Для поездки именно в Вену, помимо общего ее смысла – укрепления добрососедских отношений – имелся один претекст: во время своего визита в Россию император Иосиф предложил Екатерине усилить их политический альянс брачным договором – выдать сестру Марии Федоровны Елисавету за своего племянника Франца. Таким образом, Австрия и Россия в силу женатости их наследников на родных сестрах приобретали бы степень родства, несравненно ближайшую, нежели нынешнее внучатое родство Павла и Марии Федоровны с Фридрихом.
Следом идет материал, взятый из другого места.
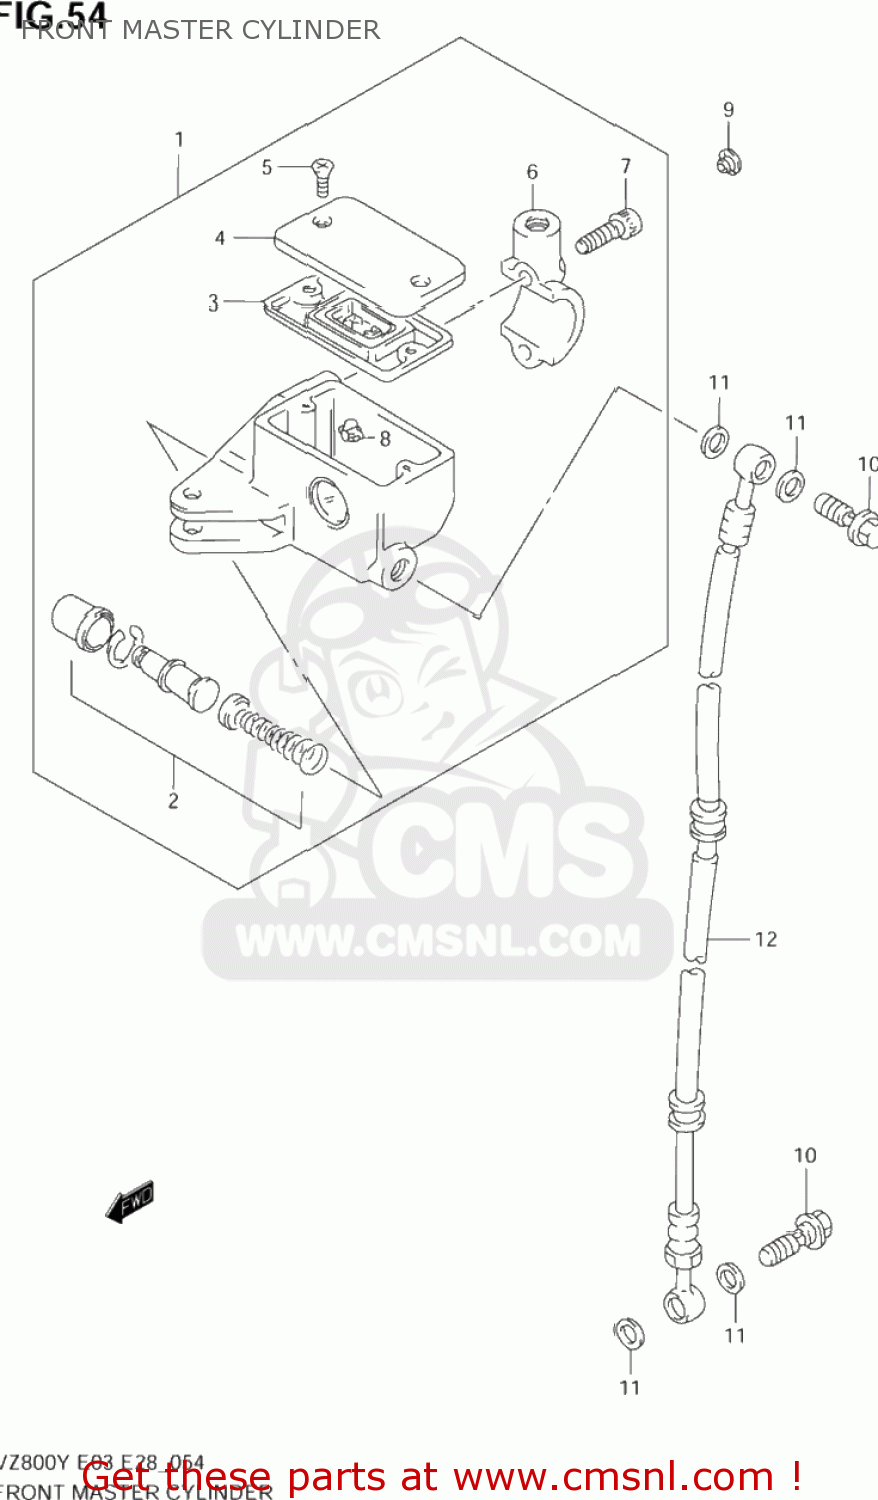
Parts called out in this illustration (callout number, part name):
1	CYLINDER ASSY,FR MASTER
2	PISTON/CUP SET
3	4
4	CAP
5	SCREW
6	HOLDER
7	BOLT
8	PROTECTOR
9	CAP(OD:10)
10	BOLT UNION
11	WASHER(10X15X1.5)
12	HOSE,FR BRAKE
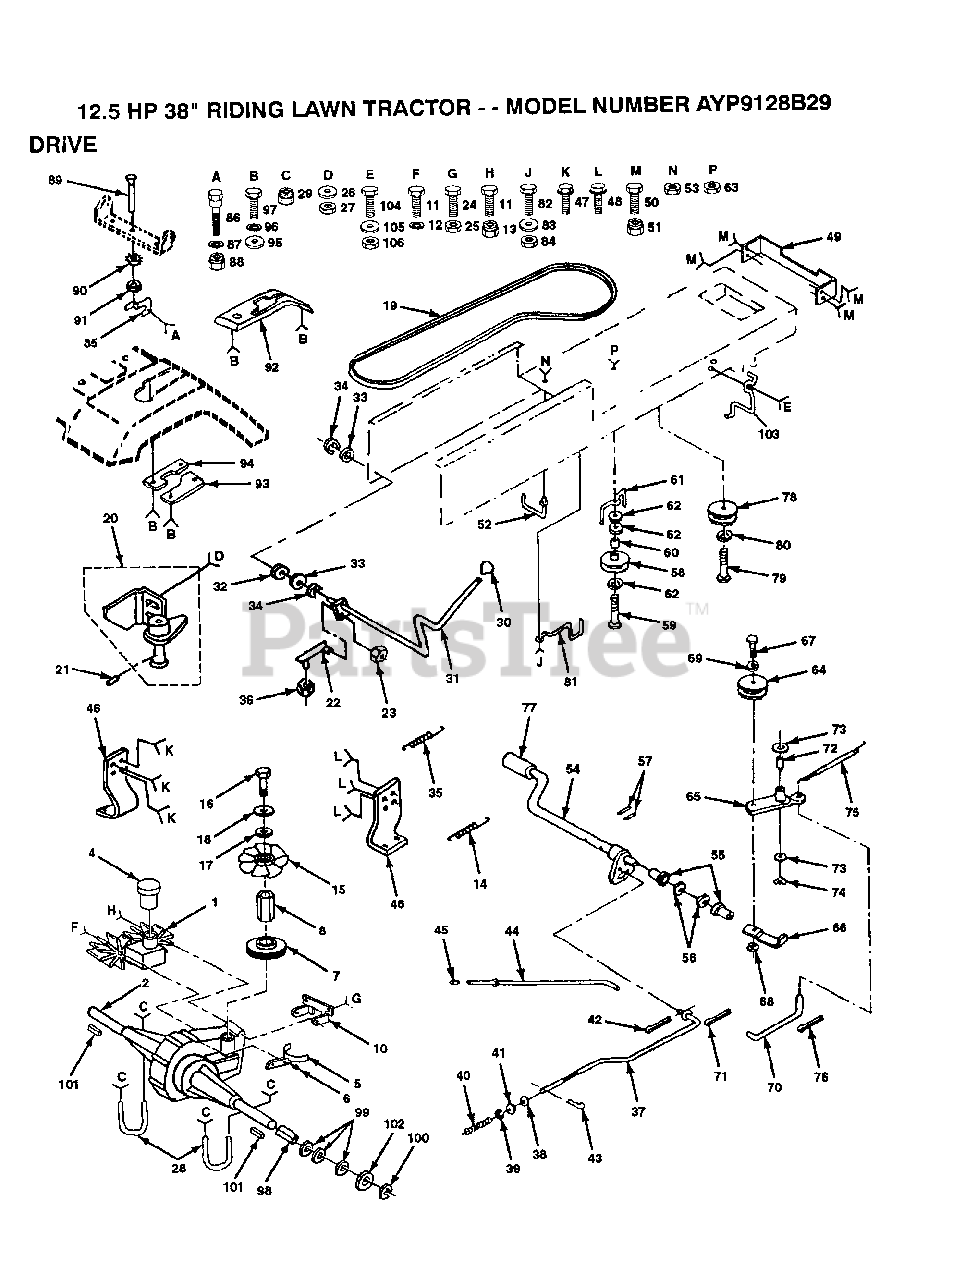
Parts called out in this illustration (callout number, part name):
1	PUMP.BDU-10S-114
2	TRANSAXLE.AGRIFAB
4	PUMP.2003081.
5	"GRD ASS'Y,BELT"
7	"PULLEY,TRANSAXLE"
8	STANDOFF
10	BRACKET
11	BOLT
12	LOCKWASHER
17	WASHER
18	LOCKWASHER
20	"FRICTION,PACK ASS"
21	"PIN,ROLL METRIC"
22	"LINK,PUMP CONTROL"
23	NUT WIZLOC T
26	WASHER
28	U BOLT
30	KNOB T (1/2-HOLE)
31	"LEVER,CONTROL"
32	"BUSHING,PIVOT"
33	"WSHER,SHIM"
34	RING T
35	"SPRING,EXTENTION"
36	NUT WIZLOC T
38	NUT
39	NUT
40	SPRING ROD LT
41	WASHER
42	SPRING.RETAINER
43	RETAINER M
44	BRAKE PARK ROD
45	PLUNGER CAP T
46	BRKT TRANSAXLE
47	SCREW GTV
48	SCREW
49	PLATE TRANS SUPT
52	"KEEPER,CENTERSPAN"
55	NYLON BEARING
56	WASHER LT
58	PULLEY.IDLER.FLAT
59	BOLT
60	SPACER T
61	BELT KEEPER LT
62	WASHER
65	ARM IDLER
66	RETAIN BELT
69	WASHER
70	"LINK, CLUTCH T"
71	COTTER PIN
72	"LY, BEARING"
73	WASHER LT
74	KLIP RING
75	"SPRING, RETURN LT"
76	COTTER PIN
77	PEDAL COVER T
79	BOLT
80	LOCKWASHER
81	KEEPER.BELT.ENG.L
82	BOLT
83	WASHER
85	"ARM,BYPASS CONTRO"
86	BOLT T
87	WASHER T
89	CONTROL BYPASS
90	LOCKWASHER
92	"CONSOLE,SHIFT FEN"
93	"PLATE,NEUTRAL RH"
94	"PLATE,NEUTRAL LH"
95	WASHER PM
96	LOCKWASHER
98	SPACER SPLIT
99	WASHER
100	E-RING LT
101	SQUARE KEY
102	WASHER
103	GUIDE BLT DR MWR
104	BOLT
105	WASHER

Пока визит в Вену готовился, Иосиф успел съездить в Монбельяр, к родителям Марии Федоровны и Елисаветы, чтобы получить согласие на брак и пригласить вюртембергское семейство к себе в Вену к тому времени, когда сюда прибудут Павел и Мария Федоровна.
Говорят, что сам Павел желал ехать за границу через Москву, сопрягнув с зарубежными визитами поездку по стране. Злые языки прибавляли, что ему хотелось еще раз увидеть в полной картине всенародную любовь – во время прежних пребываний в Москве вместе с матерью здешние подданные как-то особенно горячо и бурно приветствовали своего царевича. Естественно, Екатерина отказала: во-первых, расходов больше, во-вторых, неизбежно, что Павел стал бы вмешиваться не в свои дела – то есть делать какие-нибудь свои повеления местным начальникам, и, разумеется, эти повеления непременно были бы некстати, не к месту и не таковы, как надо – как и всё, что он делал, когда делал что-то без санкций матери.
Екатерина определила другой, более прямой маршрут: через Псков – Полоцк – Могилев – Чернигов – Киев. Впрочем, без народной любви не обошлось: говорят, при виде проезжающего царевича народ толпами бежал навстречу и чуть не бросался под колеса экипажа ( Кобеко. С. 202).
Дальнейший путь по Европе предполагал, кроме отдыха на родине Марии Федоровны – у ее родителей в Монбельяре – значительные остановки только в австрийских владениях или у родственников австрийского государя – в Вене великокняжескую чету принимал сам император Иосиф, во Флоренции – его брат герцог Тосканский Леопольд, в Версале – их сестра Мария Антуанетта. Вернуться они должны были туда же, откуда начинали свое знакомство с Европой, – в Вену.
Визит Павла и Марии Федоровны был неофициальным и, как обычно бывало в те времена, когда порфирородные особы отправлялись в заграничные вояжи, – они отправлялись инкогнито, то есть под псевдонимами: Петр Первый, бывало, ездил в Европу под именем Петра Михайлова, Иосиф приезжал недавно в Россию, называясь графом Фалькенштейном, Павел с возлюбленной женой именовались граф и графиня Северные (Le comte et la comtesse du Nord).
ОТРЫВКИ ИЗ ПУТЕШЕСТВИЯ ГРАФА И ГРАФИНИ СЕВЕРНЫХ В ЧУЖИЕ КРАИ
1781
10 (21) ноября. Вена. «<…> В Вене ожидали Марию Федоровну ее родители, прибывшие туда под именем графа и графини Гренингенских, брат ее Фердинанд и сестра Елизавета, вступление которой в брак с эрцгерцогом Францем было уже в это время окончательно решено <…>. Вечером вместе с императором посетили национальный театр <…>. Публика выразила свое удовольствие восклицаниями и рукоплесканиями, которые, по окончании спектакля, троекратно были повторены <…>.